#### RECORDS PROVIDED
********

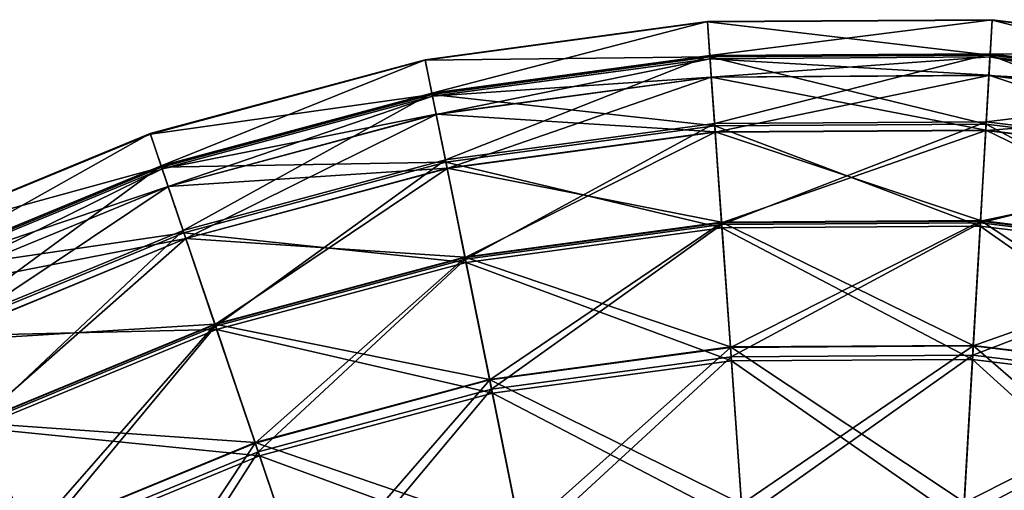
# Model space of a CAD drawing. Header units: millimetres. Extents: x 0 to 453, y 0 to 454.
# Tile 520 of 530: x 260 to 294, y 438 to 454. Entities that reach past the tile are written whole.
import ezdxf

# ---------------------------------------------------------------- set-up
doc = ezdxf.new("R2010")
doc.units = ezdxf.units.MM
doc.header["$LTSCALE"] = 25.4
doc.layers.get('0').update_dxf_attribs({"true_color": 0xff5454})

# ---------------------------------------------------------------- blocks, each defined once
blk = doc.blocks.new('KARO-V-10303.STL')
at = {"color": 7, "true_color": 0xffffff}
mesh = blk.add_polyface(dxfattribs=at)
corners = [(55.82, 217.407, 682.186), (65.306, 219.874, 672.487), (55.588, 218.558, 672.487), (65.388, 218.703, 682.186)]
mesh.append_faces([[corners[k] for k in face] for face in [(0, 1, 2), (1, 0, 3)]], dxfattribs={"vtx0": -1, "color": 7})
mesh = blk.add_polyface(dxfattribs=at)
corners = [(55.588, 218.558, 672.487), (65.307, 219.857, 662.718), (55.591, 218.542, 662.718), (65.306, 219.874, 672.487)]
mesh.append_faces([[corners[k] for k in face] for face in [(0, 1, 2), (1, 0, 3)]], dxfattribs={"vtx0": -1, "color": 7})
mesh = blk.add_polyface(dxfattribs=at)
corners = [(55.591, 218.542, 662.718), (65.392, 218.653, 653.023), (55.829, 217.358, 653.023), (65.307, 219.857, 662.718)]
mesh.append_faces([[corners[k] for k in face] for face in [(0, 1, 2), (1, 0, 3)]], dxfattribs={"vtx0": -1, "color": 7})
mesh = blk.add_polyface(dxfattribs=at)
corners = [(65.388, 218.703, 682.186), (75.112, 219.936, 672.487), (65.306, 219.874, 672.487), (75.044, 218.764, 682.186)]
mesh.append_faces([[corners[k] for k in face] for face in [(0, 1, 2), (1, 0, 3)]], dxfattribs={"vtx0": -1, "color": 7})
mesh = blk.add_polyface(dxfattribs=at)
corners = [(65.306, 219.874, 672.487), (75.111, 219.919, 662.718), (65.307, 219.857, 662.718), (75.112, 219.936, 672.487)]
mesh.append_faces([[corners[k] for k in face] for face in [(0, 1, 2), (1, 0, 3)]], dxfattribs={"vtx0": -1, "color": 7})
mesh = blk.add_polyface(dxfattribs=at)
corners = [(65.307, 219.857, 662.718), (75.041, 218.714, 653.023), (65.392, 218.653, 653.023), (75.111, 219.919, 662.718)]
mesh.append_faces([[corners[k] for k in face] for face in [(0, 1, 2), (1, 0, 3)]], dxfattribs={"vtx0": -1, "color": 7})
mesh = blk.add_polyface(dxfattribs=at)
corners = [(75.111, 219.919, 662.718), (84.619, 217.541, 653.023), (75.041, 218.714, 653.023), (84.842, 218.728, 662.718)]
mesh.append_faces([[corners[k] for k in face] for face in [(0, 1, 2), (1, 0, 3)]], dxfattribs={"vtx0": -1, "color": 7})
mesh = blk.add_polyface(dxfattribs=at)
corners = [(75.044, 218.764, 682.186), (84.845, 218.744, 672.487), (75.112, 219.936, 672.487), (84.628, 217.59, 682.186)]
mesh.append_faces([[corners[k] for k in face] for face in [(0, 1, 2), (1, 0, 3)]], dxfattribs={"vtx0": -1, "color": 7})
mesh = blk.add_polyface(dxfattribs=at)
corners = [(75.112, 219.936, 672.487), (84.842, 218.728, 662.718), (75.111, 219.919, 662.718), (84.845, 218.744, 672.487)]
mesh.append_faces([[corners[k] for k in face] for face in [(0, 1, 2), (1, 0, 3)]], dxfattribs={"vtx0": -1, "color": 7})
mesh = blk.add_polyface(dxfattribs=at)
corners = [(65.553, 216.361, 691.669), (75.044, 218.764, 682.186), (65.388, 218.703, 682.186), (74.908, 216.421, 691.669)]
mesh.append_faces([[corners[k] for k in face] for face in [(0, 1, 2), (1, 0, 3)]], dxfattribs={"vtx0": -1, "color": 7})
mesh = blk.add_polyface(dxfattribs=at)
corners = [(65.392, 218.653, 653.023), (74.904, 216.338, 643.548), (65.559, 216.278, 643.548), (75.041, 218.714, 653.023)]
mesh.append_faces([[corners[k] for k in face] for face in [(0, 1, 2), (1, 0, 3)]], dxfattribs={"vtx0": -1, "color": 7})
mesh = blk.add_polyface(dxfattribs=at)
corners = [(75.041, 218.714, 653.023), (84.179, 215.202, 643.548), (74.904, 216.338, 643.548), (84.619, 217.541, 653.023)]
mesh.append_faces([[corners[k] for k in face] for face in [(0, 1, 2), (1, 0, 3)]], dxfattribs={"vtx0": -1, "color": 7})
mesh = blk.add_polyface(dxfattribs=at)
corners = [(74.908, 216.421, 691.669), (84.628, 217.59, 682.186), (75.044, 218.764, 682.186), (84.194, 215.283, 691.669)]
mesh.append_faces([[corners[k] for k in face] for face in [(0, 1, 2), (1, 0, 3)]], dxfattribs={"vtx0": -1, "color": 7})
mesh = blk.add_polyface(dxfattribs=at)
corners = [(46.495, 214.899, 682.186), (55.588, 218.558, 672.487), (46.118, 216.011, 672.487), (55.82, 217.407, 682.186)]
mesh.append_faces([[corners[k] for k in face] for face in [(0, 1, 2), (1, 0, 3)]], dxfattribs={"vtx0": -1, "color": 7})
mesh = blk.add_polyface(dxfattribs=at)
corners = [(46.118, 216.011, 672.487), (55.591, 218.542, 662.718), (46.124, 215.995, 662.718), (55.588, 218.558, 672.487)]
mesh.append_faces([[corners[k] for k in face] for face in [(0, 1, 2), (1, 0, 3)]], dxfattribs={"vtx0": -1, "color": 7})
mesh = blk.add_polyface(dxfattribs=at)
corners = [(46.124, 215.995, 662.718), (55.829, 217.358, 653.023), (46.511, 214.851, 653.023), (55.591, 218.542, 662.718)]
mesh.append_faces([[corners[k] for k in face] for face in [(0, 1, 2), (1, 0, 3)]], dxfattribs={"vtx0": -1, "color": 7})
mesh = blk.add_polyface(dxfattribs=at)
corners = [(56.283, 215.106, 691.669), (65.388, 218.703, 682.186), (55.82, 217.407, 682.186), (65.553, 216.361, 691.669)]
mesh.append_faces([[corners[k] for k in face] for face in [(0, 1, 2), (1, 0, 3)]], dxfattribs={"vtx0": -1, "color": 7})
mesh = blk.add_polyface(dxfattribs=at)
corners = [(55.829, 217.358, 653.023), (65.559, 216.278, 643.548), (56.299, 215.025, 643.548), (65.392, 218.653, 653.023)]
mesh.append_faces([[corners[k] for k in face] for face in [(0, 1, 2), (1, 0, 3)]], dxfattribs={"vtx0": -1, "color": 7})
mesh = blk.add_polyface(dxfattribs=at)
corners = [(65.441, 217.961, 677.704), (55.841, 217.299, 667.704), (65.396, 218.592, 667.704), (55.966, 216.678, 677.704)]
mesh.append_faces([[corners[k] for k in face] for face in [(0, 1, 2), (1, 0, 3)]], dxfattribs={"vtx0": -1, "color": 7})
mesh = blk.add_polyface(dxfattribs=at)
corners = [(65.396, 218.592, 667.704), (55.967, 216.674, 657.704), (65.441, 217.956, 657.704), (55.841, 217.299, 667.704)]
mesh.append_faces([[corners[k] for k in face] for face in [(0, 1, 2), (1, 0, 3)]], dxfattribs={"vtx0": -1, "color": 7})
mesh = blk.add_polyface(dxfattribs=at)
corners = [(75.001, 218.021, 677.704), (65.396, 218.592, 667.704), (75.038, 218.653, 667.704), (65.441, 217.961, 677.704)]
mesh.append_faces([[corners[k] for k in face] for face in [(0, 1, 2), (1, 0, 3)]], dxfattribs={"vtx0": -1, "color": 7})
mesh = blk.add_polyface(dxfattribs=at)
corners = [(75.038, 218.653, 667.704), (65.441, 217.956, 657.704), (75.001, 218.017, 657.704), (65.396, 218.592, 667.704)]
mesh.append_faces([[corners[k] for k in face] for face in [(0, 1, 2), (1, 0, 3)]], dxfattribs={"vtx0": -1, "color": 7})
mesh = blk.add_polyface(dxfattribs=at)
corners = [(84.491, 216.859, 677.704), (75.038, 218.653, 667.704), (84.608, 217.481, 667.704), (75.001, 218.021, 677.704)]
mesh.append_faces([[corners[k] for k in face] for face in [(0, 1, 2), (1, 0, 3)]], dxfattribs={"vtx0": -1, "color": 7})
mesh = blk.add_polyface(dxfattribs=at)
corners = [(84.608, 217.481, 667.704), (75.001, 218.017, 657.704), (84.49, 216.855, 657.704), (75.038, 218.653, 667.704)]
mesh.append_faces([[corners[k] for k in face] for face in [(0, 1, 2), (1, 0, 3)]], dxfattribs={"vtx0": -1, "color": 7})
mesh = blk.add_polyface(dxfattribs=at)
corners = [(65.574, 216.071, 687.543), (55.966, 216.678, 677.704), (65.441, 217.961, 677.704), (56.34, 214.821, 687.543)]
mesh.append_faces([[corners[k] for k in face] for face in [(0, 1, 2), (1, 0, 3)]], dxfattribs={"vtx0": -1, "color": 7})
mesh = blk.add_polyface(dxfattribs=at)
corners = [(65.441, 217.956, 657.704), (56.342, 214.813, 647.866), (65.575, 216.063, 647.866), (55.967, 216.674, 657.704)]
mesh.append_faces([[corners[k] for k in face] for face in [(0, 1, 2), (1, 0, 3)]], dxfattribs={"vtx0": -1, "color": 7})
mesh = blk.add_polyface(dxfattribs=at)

********

#### WORK INSTRUCTIONS
Copy out all lines from the records where the word "blocks" appears.

#### OUTPUT OF THE EXERCISE
# ---------------------------------------------------------------- blocks, each defined once
blk = doc.blocks.new('KARO-V-10303.STL')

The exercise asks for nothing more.